The dazzling deceit of big marijuana
Published 14 hours ago

Alex MacDonald is a grizzled old pothead. He has a cough from 50 years of smoking dope. He used to be a dealer, too, though he hasn’t done that for years. Today he remains a faithful consumer and a close student of the industry. He thinks a lot of the hype around legalization is ridiculous.

“The law is essentially unimportant,” he says. “That’s because the government has never had the slightest impact on either smokers or growers.”

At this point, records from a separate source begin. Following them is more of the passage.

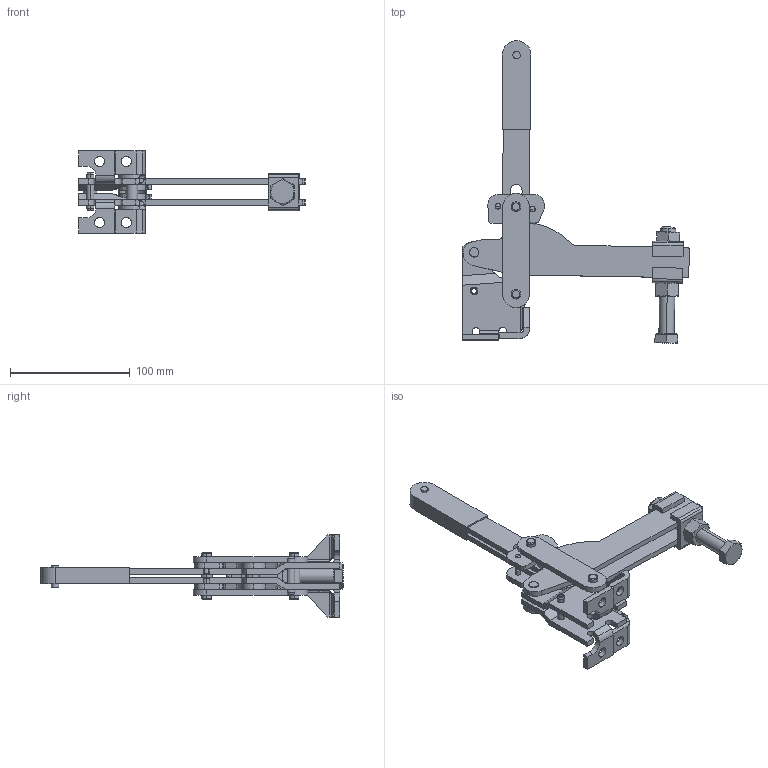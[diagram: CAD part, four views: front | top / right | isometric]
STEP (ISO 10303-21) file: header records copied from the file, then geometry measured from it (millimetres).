
FILE_DESCRIPTION((''),'2;1');
FILE_NAME('C:\1a1-lapeer-mfg\v800\step\CAV-800.stp','2006-01-19T19:47:52',('rtaylor'),(''),'Autodesk Inventor 9','Autodesk Inventor 9','');
FILE_SCHEMA(('AUTOMOTIVE_DESIGN { 1 0 10303 214 1 1 1 1 }'));
Length unit declared in the file: inch
Products named in the file (18): CAV-800; 120004L; 120004R; 150019; 150062; 150063; 130024; 102014; 150010; N-470078; 170078; 170074-CT; 171011; 170073-CT; 110013RL; 180006; 100005; 150085
Assembly tree (27 placements, depth 3):
  CAV-800
    120004L
    120004R
    150019  x2
    150062
    150063  x2
    130024  x2
    102014
    150010
    N-470078
      170078
      170074-CT
      171011  x2
      170073-CT
    110013RL  x2
    180006  x2
    100005  x2
    150085  x4
Bounding box: 188.97 x 252.29 x 68.48 mm (x, y, z)
Volume: 191356.5 mm3; surface area: 113382.1 mm2
Topology: 26 solids, 26 shells, 571 faces, 1432 edges, 930 vertices
Faces by surface type: plane 208, cylinder 204, bspline 79, cone 56, sphere 16, torus 8
Entity records: 14057 total; most frequent: CARTESIAN_POINT 3835, DIRECTION 2067, ORIENTED_EDGE 2044, EDGE_CURVE 1022, AXIS2_PLACEMENT_3D 779, VERTEX_POINT 659, VECTOR 509, LINE 509
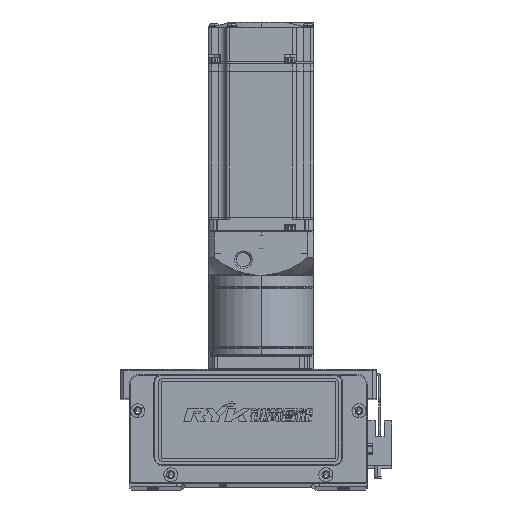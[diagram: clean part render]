
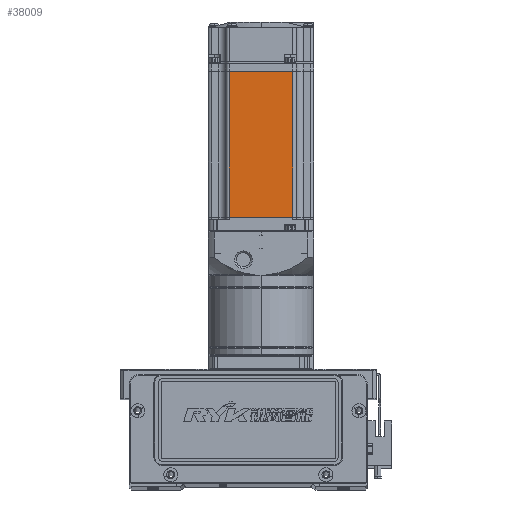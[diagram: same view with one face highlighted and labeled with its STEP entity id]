
A CAD part, top view. The second image highlights one B-rep face of the part: STEP entity #38009.
In plain terms, the highlighted planar face has unit normal (0, 0, 1).
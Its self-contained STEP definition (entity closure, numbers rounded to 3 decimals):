
#1245 = ORIENTED_EDGE ( 'NONE', *, *, #24120, .F. ) ;
#2581 = CARTESIAN_POINT ( 'NONE',  ( -90.45, 0., 30. ) ) ;
#7135 = ORIENTED_EDGE ( 'NONE', *, *, #53390, .T. ) ;
#7634 = VERTEX_POINT ( 'NONE', #48446 ) ;
#8455 = CARTESIAN_POINT ( 'NONE',  ( -6.5, -25., 30. ) ) ;
#8871 = ORIENTED_EDGE ( 'NONE', *, *, #66089, .F. ) ;
#10639 = AXIS2_PLACEMENT_3D ( 'NONE', #8455, #72186, #31269 ) ;
#10877 = CARTESIAN_POINT ( 'NONE',  ( -7.75, -18., 30. ) ) ;
#11912 = LINE ( 'NONE', #20025, #70314 ) ;
#15176 = DIRECTION ( 'NONE',  ( -1., 0., 0. ) ) ;
#18916 = VECTOR ( 'NONE', #15176, 1000. ) ;
#20025 = CARTESIAN_POINT ( 'NONE',  ( -7.75, 0., 30. ) ) ;
#21411 = CARTESIAN_POINT ( 'NONE',  ( -90.45, 18., 30. ) ) ;
#21548 = CARTESIAN_POINT ( 'NONE',  ( -90.45, -18., 30. ) ) ;
#24120 = EDGE_CURVE ( 'NONE', #7634, #70196, #11912, .T. ) ;
#25957 = VECTOR ( 'NONE', #61915, 1000. ) ;
#27783 = LINE ( 'NONE', #38155, #25957 ) ;
#30783 = FACE_OUTER_BOUND ( 'NONE', #45517, .T. ) ;
#31169 = DIRECTION ( 'NONE',  ( 0., -1., 0. ) ) ;
#31269 = DIRECTION ( 'NONE',  ( 1., 0., 0. ) ) ;
#35378 = VECTOR ( 'NONE', #31169, 1000. ) ;
#37739 = LINE ( 'NONE', #66807, #18916 ) ;
#38009 = ADVANCED_FACE ( 'NONE', ( #30783 ), #66071, .T. ) ;
#38155 = CARTESIAN_POINT ( 'NONE',  ( -6.5, 18., 30. ) ) ;
#39425 = VERTEX_POINT ( 'NONE', #21548 ) ;
#45517 = EDGE_LOOP ( 'NONE', ( #1245, #7135, #53564, #8871 ) ) ;
#48446 = CARTESIAN_POINT ( 'NONE',  ( -7.75, 18., 30. ) ) ;
#53390 = EDGE_CURVE ( 'NONE', #7634, #57809, #27783, .T. ) ;
#53564 = ORIENTED_EDGE ( 'NONE', *, *, #68762, .T. ) ;
#57809 = VERTEX_POINT ( 'NONE', #21411 ) ;
#58615 = LINE ( 'NONE', #2581, #35378 ) ;
#61915 = DIRECTION ( 'NONE',  ( -1., 0., 0. ) ) ;
#66071 = PLANE ( 'NONE',  #10639 ) ;
#66089 = EDGE_CURVE ( 'NONE', #70196, #39425, #37739, .T. ) ;
#66807 = CARTESIAN_POINT ( 'NONE',  ( -6.5, -18., 30. ) ) ;
#68762 = EDGE_CURVE ( 'NONE', #57809, #39425, #58615, .T. ) ;
#70196 = VERTEX_POINT ( 'NONE', #10877 ) ;
#70314 = VECTOR ( 'NONE', #70705, 1000. ) ;
#70705 = DIRECTION ( 'NONE',  ( 0., -1., 0. ) ) ;
#72186 = DIRECTION ( 'NONE',  ( 0., 0., 1. ) ) ;

Legalization will change the world a lot less than you might think, he says. The illegal market will not shut down, or even shrink much. Nor will kids stop using, as Justin Trudeau likes to claim. Canadian kids are already among the biggest consumers of marijuana in the world. They’ll keep smoking what they please, as they please – as they always have.

Nor will investors and governments reap the bonanza they are sure await them. That’s because the fundamental economics of the business aren’t all that good – especially when combined with the state’s historical lack of enthusiasm to crack down on illegal grow ops that will continue to produce a product that a lot of people want.

In the 1960s, Canadians smoked a dreadful product imported mostly from Mexico that was mostly sand and seeds. Then we began to grow the stuff ourselves, and never looked back. The penalties for illegal growers were minimal, and the law was laxly enforced. In rural Ontario, grow-op equipment was widely advertised on the radio. “You can grow tomatoes. You can grow potatoes. You can grow ANYTHING,” the sales pitch went. 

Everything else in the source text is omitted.